Assim como as outras gravações de Todisco, o disco no qual estavam trabalhando era despretensioso do ponto de vista comercial, mais voltado às colônias de migrantes de Curitiba – e, portanto, sem maiores aspirações de estourar em rádios. Tocaria nos programas regionalistas da PRB-2 e afins e estaria ótimo. Não seria por isso, contudo, que a dupla não se esmeraria.

Nos dias que antecederam a excursão ao Rio, o acordeonista e o violonista ensaiaram minuciosamente cada movimento das duas canções. Músicos completos que eram, talvez nem precisassem de tanto. Mas Waltel e Todisco eram tão perfeccionistas quanto hábeis com o próprio instrumento. Foi esse compromisso para com os detalhes, aliás, que fez com que o italiano tivesse convidado o amigo violonista para a gravação.

A amizade começou anos antes, na noite de Curitiba. Chegaram a tocar juntos por algum tempo em boates, como o La Vie en Rose. Todisco havia aportado no Brasil pouco depois do fim da Segunda Guerra, na qual combateu compulsoriamente, por estar em idade militar. Veio sem nenhum dinheiro, com uma mão na frente, outra atrás. Além de poucas mudas de roupa, trouxe na bagagem apenas o acordeom de botões, com o qual ganharia a vida no Novo Mundo. Evitava falar dos combates, mas rezava a lenda que havia sido feito prisioneiro de guerra pelos Aliados e que a música o salvou da execução e, em seguida, abrandou as agruras do cárcere.

Um homem de óculos grossos que passava pelo estúdio ficou como que petrificado, prestando atenção no som. Era Radamés Gnatalli

Assim que souberam que aquele homem magricela tocava acordeom, os militares “recrutaram-no” para animar as noites. De cara, teria se negado. Em pouco tempo, no entanto, percebeu que aqueles soldados eram como ele: não passavam de peões que apenas cumpriram ordens, estavam na linha de frente das batalhas, longe de suas famílias e, a maioria deles, contra a própria vontade. Voltou atrás da decisão e passou a se oferecer para, com a música, dar aos combatentes (e a si mesmo) algum divertimento.

Radamés Gnatalli: músico gaúcho foi uma lenda em sua época.

Desdobrava-se para atender pedidos. Quando não conhecia a música, bastava algum dos militares assoviar a canção para que Todisco, logo em seguida, passasse a tocá-la. Em troca, passou a ter direito a alguns privilégios, entre os quais comer da mesma comida que os soldados. Ao menos poderia voltar para a cela de barriga cheia. Em pouco tempo, o carismático acordeonista acabou conquistando a amizade dos combatentes. Para a música, não havia uniformes nem nacionalidades.
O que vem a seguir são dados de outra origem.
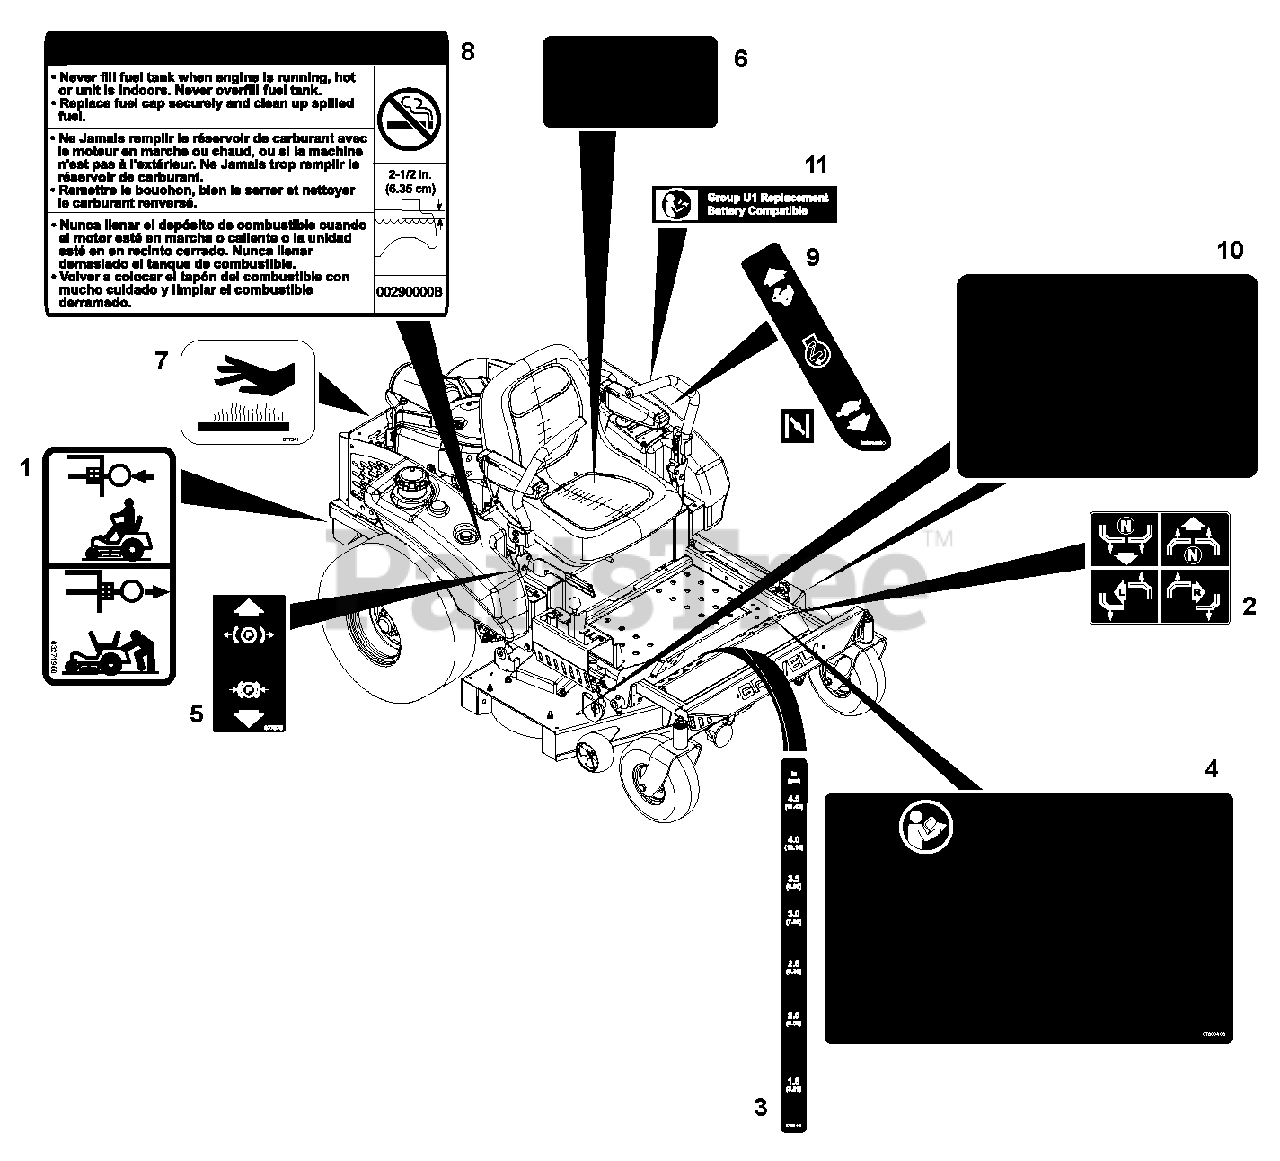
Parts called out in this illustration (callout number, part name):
1	Decal, Transmission Disconnect
2	Decal, Instructional Steering
3	Decal, Cut Height
4	Decal, Safety, Main
5	Decal, Parking Brake Lever
6	Decal, Safety, Guarding
7	Decal, Hot Surface
8	Decal, Fuel Warning
9	Decal, Control
10	Decal, Mower Deck Safety
11	Decal, Battery Replacement
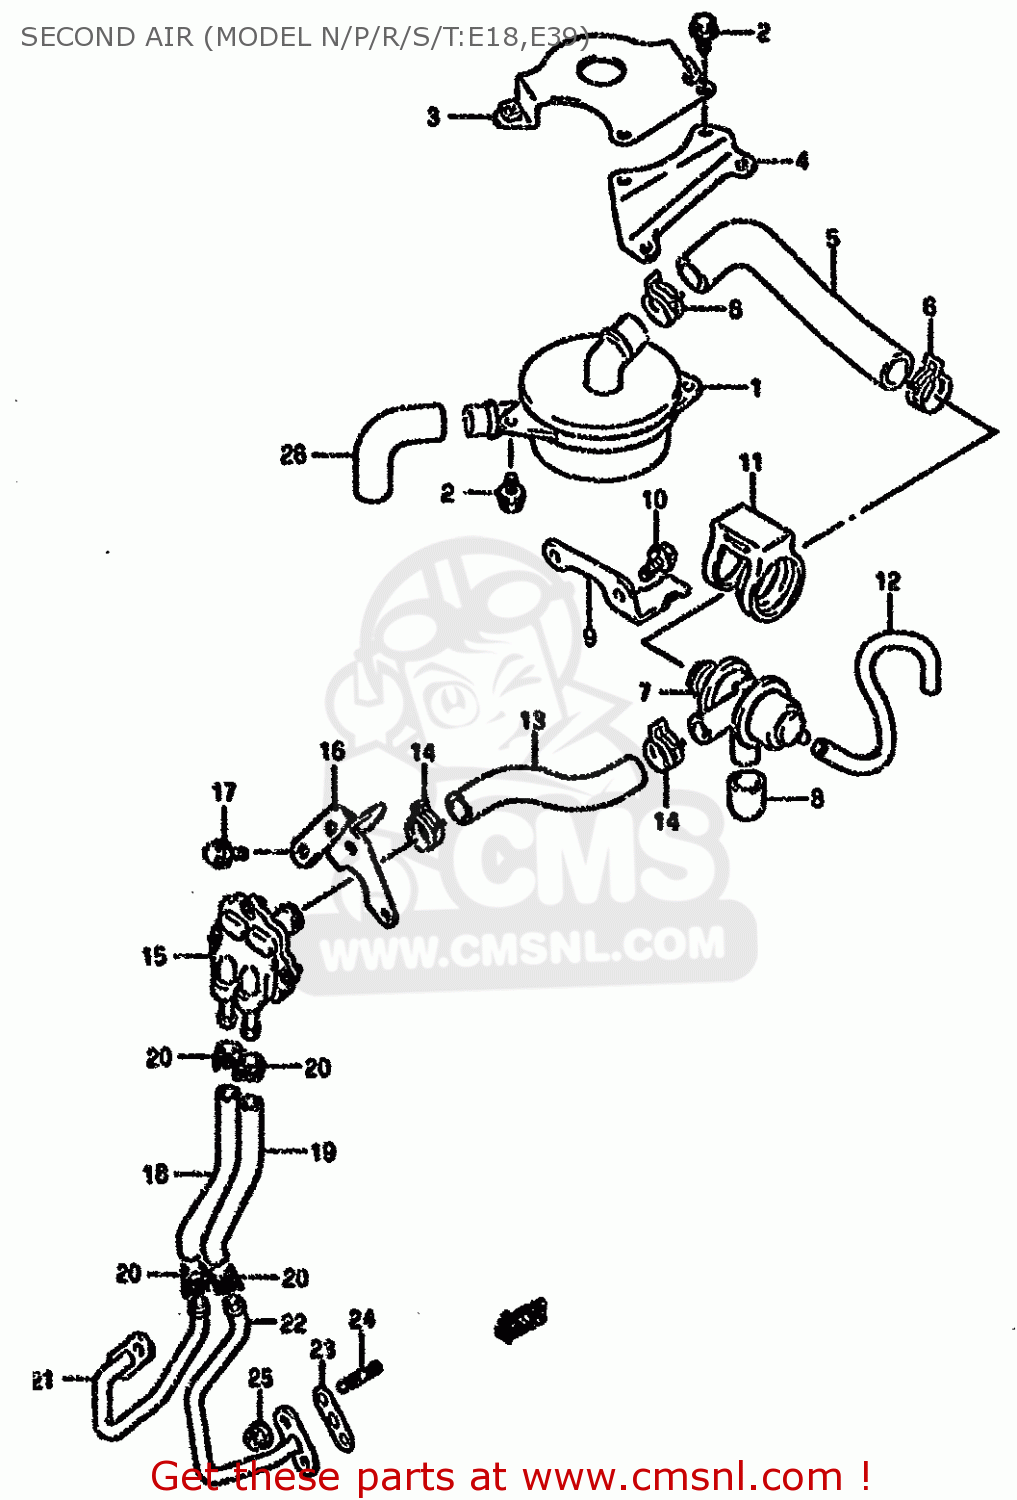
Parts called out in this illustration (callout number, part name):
1	CLEANER ASSEMBLY,SECOND AIR
2	BOLT
3	BRACKET,2ND AIR CLEANER
4	BRACKET,2ND AIR CLNR SUPPORT
5	HOSE,2ND AIR CLEANER
6	CLIP
7	VALVE ASSY,2ND AIR SWITCHING
8	CAP,SWITCHING VALVE
9	BRACKET, SWITCHING VALVE
10	BOLT
11	CUSHION,2ND AIR VALVE
12	HOSE (4.5X8.5X300)
13	HOSE,2ND AIR
14	CLIP
15	VALVE ASSY,2ND AIR REED
16	BRACKET, REED VALVE
17	BOLT
18	HOSE,2ND AIR REED VALVE,R
19	HOSE,REED VALVE L
20	CLIP
21	PIPE,2ND AIR,R
22	PIPE,2ND AIR,L
23	GASKET,SECOND AIR PIPE (N (NAS)
24	STUD 6X16
25	NUT
26	HOSE,SECOND AIR NO.2

Quem é esse sujeito tocando Bach?

Enquanto os técnicos afinavam o equipamento para que começassem efetivamente a gravar, Waltel fez repousar sobre o stand uma partitura da “Tocata e Fuga em Ré Menor”, de Johann Sebastian Bach, e começou a tocar, assim, só para aquecer as mãos. Um homem de óculos grossos que passava pelo estúdio ficou como que petrificado, prestando atenção no som. Ouviu por um instante e, por fim, interrompeu a execução.

– Ô, rapaz! Você está lendo isso aí na partitura?
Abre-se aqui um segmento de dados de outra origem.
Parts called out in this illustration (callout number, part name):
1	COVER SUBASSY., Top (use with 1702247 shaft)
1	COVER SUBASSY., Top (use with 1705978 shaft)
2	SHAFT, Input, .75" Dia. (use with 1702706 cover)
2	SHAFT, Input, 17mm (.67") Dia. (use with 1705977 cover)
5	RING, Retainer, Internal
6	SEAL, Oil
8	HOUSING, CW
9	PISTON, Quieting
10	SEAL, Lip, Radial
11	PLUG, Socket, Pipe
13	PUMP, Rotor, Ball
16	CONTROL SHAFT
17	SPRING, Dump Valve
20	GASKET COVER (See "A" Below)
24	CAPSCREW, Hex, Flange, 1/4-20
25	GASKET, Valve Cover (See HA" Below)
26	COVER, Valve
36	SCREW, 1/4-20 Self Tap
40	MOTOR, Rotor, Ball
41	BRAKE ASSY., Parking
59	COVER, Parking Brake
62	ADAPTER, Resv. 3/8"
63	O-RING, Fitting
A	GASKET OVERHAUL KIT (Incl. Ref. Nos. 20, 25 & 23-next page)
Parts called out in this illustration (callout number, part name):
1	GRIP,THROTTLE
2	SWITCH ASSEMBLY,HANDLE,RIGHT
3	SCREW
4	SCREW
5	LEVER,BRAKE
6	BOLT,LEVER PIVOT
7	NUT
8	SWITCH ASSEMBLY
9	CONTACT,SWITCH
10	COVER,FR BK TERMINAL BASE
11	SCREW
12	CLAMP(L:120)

Waltel, que ainda não tinha dado pela presença do figura, levou um susto, parou de tocar e arregalou os olhos. Intimidado pela presença daquele homem e pela pergunta, o violinista pensou que tivesse errado alguma nota ou comido algum compasso na execução e que o estranho tivesse percebido a imperfeição. Correu os olhos pelo trecho que acabara de tocar e lhe parecia que tinha feito tudo direitinho.

– Eu errei alguma coisa?

– Não, não. Estava perfeito. É que aqui no Rio não é tão comum achar quem leia partituras assim. – respondeu. Escuta, rapaz, você não quer trabalhar comigo? – completou, alguns segundos depois.

– Mas quem é o senhor?

– Ah, desculpe. Eu não me apresentei, não é? Radamés Gnattali. Prazer, rapaz.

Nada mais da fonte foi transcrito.